When running lslocks as root, there are two common cases where
lslocks won't be able to find a matching file descriptor. The first
is what we see in my example output; this is an NFS server with
/proc/locks reporting a lock held by a NFS client machine, and the
process ID is some random kernel process that has no open file
descriptors. The other case you can see is if the listed PID exited
after locking a file descriptor and then passing on the file
descriptor to one or more other processes. In that case, 'lsof
<filesystem>
' can turn up likely suspect processes and should turn
up at least one open file with the right inode number.

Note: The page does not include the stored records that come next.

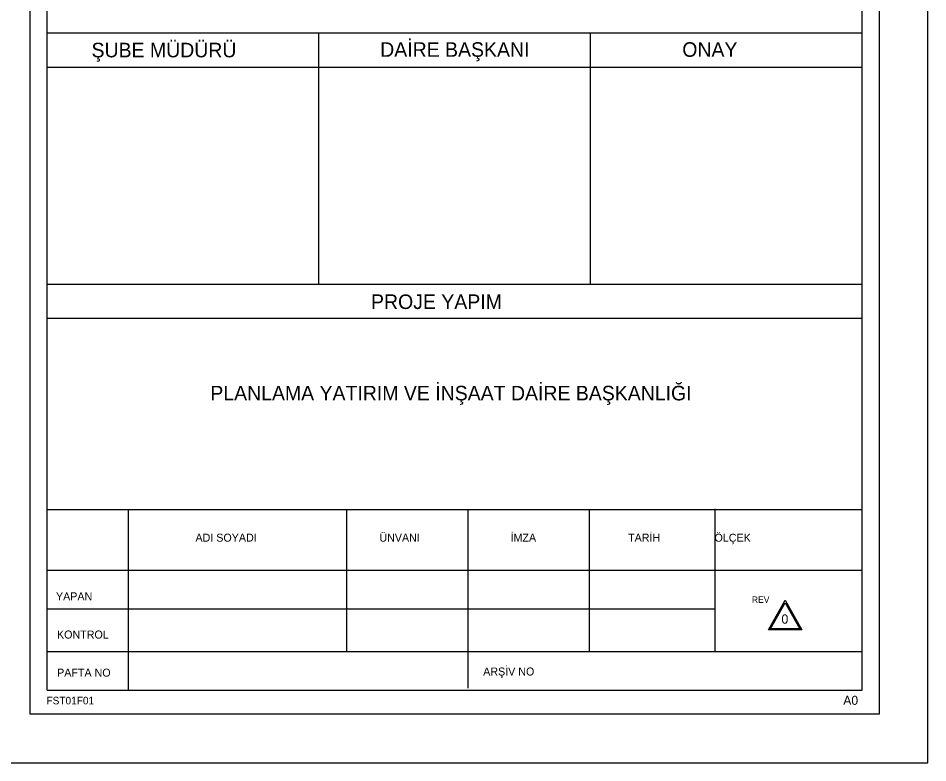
# Model space of a CAD drawing. Extents: x 314 to 1145, y -10 to 574.
# Drawn here: x 957.5 to 1145, y -10 to 143.5 of the extents above; entities that cross this region are included whole.
import ezdxf

# ---------------------------------------------------------------- set-up
doc = ezdxf.new("R2010")
doc.units = 0
for name, color, linetype in [('Level 1', 7, 'Continuous'), ('Level 51', 7, 'Continuous'), ('Level 6', 7, 'Continuous'), ('Level 7', 7, 'Continuous')]:
    doc.layers.add(name, color=color, linetype=linetype)

msp = doc.modelspace()

# ---------------------------------------------------------------- linework, layer by layer
at = {"layer": 'Level 1'}
for p, q in [((960, 0), (960, 287)), ((1135, 287), (1135, 0)), ((1135, 0), (960, 0))]:
    msp.add_line(p, q, dxfattribs=at)
at = {"layer": 'Level 51'}
msp.add_lwpolyline([(314, -10), (1145, -10), (1145, 574), (314, 574)], close=True, dxfattribs=at)
at = {"layer": 'Level 6'}
for p, q in [((963.47, 4.97), (963.47, 267.9)), ((1131.45, 4.97), (1131.45, 267.9)), ((1131.45, 4.97), (1131.45, 267.9)), ((1131.45, 4.97), (1131.45, 267.9)), ((1131.45, 4.97), (1131.45, 267.9)), ((963.47, 140.48), (1131.45, 140.48)), ((963.47, 140.48), (1131.45, 140.48)), ((963.47, 140.48), (1131.45, 140.48)), ((963.47, 140.48), (1131.45, 140.48)), ((1019.47, 88.65), (1019.47, 140.48)), ((1075.47, 88.65), (1075.47, 140.48)), ((963.47, 133.4), (1131.45, 133.4)), ((963.47, 133.4), (1131.45, 133.4)), ((963.47, 133.4), (1131.45, 133.4)), ((963.47, 88.65), (1131.45, 88.65)), ((963.47, 88.65), (1131.45, 88.65)), ((963.47, 88.65), (1131.45, 88.65)), ((963.47, 88.65), (1131.45, 88.65)), ((963.47, 81.62), (1131.45, 81.62)), ((963.47, 42.24), (1131.45, 42.24)), ((963.47, 42.24), (1131.45, 42.24)), ((963.47, 42.24), (1131.45, 42.24)), ((963.47, 42.24), (1131.45, 42.24)), ((980.23, 4.97), (980.23, 42.1)), ((1025.23, 13.02), (1025.23, 42.1)), ((1050.23, 5.36), (1050.23, 42.1)), ((1075.23, 12.98), (1075.23, 42.1)), ((1101.07, 42.34), (1101.07, 13.04)), ((963.34, 29.74), (1131.31, 29.74)), ((963.47, 21.72), (1101.07, 21.72)), ((963.47, 12.95), (1131.32, 12.95)), ((963.47, 4.97), (1131.45, 4.97)), ((963.47, 4.97), (1131.45, 4.97)), ((963.47, 4.97), (1131.45, 4.97)), ((963.47, 4.97), (1131.45, 4.97))]:
    msp.add_line(p, q, dxfattribs=at)
at = {"layer": 'Level 7'}
for points in [[(1112.18, 17.38), (1115.59, 23.5), (1119.01, 17.38)], [(1112.18, 17.38), (1115.59, 23.5), (1119.01, 17.38)], [(1112.18, 17.38), (1115.59, 23.5), (1119.01, 17.38)], [(1112.18, 17.38), (1115.59, 23.5), (1119.01, 17.38)], [(1112.6, 17.63), (1115.59, 22.99), (1118.59, 17.63)], [(1112.6, 17.63), (1115.59, 22.99), (1118.59, 17.63)], [(1112.6, 17.63), (1115.59, 22.99), (1118.59, 17.63)], [(1112.6, 17.63), (1115.59, 22.99), (1118.59, 17.63)]]:
    msp.add_lwpolyline(points, close=True, dxfattribs=at)

# ---------------------------------------------------------------- texts
at = {"layer": 'Level 1'}
msp.add_text('0', height=1.92, dxfattribs=at).set_placement((1114.82, 18.67))
at = {"layer": 'Level 7'}
for s, height, p in [('ŞUBE MÜDÜRÜ', 3, (972.62, 135.41)), ('DAİRE BAŞKANI', 3, (1032.12, 135.52)), ('ONAY', 3, (1094.39, 135.52)), ('PROJE YAPIM', 3, (1030.23, 83.54)), ('PLANLAMA YATIRIM VE İNŞAAT DAİRE BAŞKANLIĞI', 3, (997.1, 64.7)), ('ÜNVANI', 1.65, (1031.95, 35.58)), ('İMZA', 1.65, (1058.99, 35.58)), ('TARİH', 1.65, (1083.22, 35.58)), ('ÖLÇEK', 1.65, (1101.03, 35.57)), ('ADI SOYADI', 1.65, (994.04, 35.58)), ('YAPAN', 1.65, (965.29, 23.48)), ('REV', 1.32, (1108.73, 22.97)), ('KONTROL', 1.65, (965.5, 15.61)), ('PAFTA NO', 1.65, (965.52, 7.76)), ('ARŞİV NO', 1.65, (1053.35, 7.99)), ('A0', 1.866, (1127.58, 1.95)), ('FST01F01', 1.555, (963.33, 2.05))]:
    msp.add_text(s, height=height, dxfattribs=at).set_placement(p)

doc.saveas('drawing.dxf')

(If you have an NFS server, in general all you can do is 'find
<filesystem> -inum <whatever> -print
'. If you have a specific file you
suspect, you can check its inode number directly with 'ls -li
' or
'stat
' or the like.)
At the moment, lslocks
can also fail to work entirely with an
error message about "failed to parse '<three hex digits>'", because
it expects all filesystem minor numbers in /proc/locks to be two
digits. If you have enough mounted NFS filesystems (and probably
filesystems of certain other types, such as ZFS or tmpfs), their
'minor number' in /proc/locks and /proc/self/mountinfo goes over
255 and so requires three (or more) hex digits. I've filed this as
util-linux issue #1633, so hopefully
it will be fixed at some point (and then make it to 'long term
support' and 'enterprise' Linux distributions a few years after
that).
(In older versions of lslocks
, like the version on Ubuntu 18.04,
lslocks just silently fails to correctly parse /proc/locks and will
report the wrong filesystems for such locks.)
PS: If you run lslocks
as a normal user it can only report filenames
for locks from your own processes, because the /proc/<pid>/fd
subdirectory is only accessible to the process owner. Normally lslocks
will report the filesystem for such locks; if you use 'lslocks -i
', it
will skip them.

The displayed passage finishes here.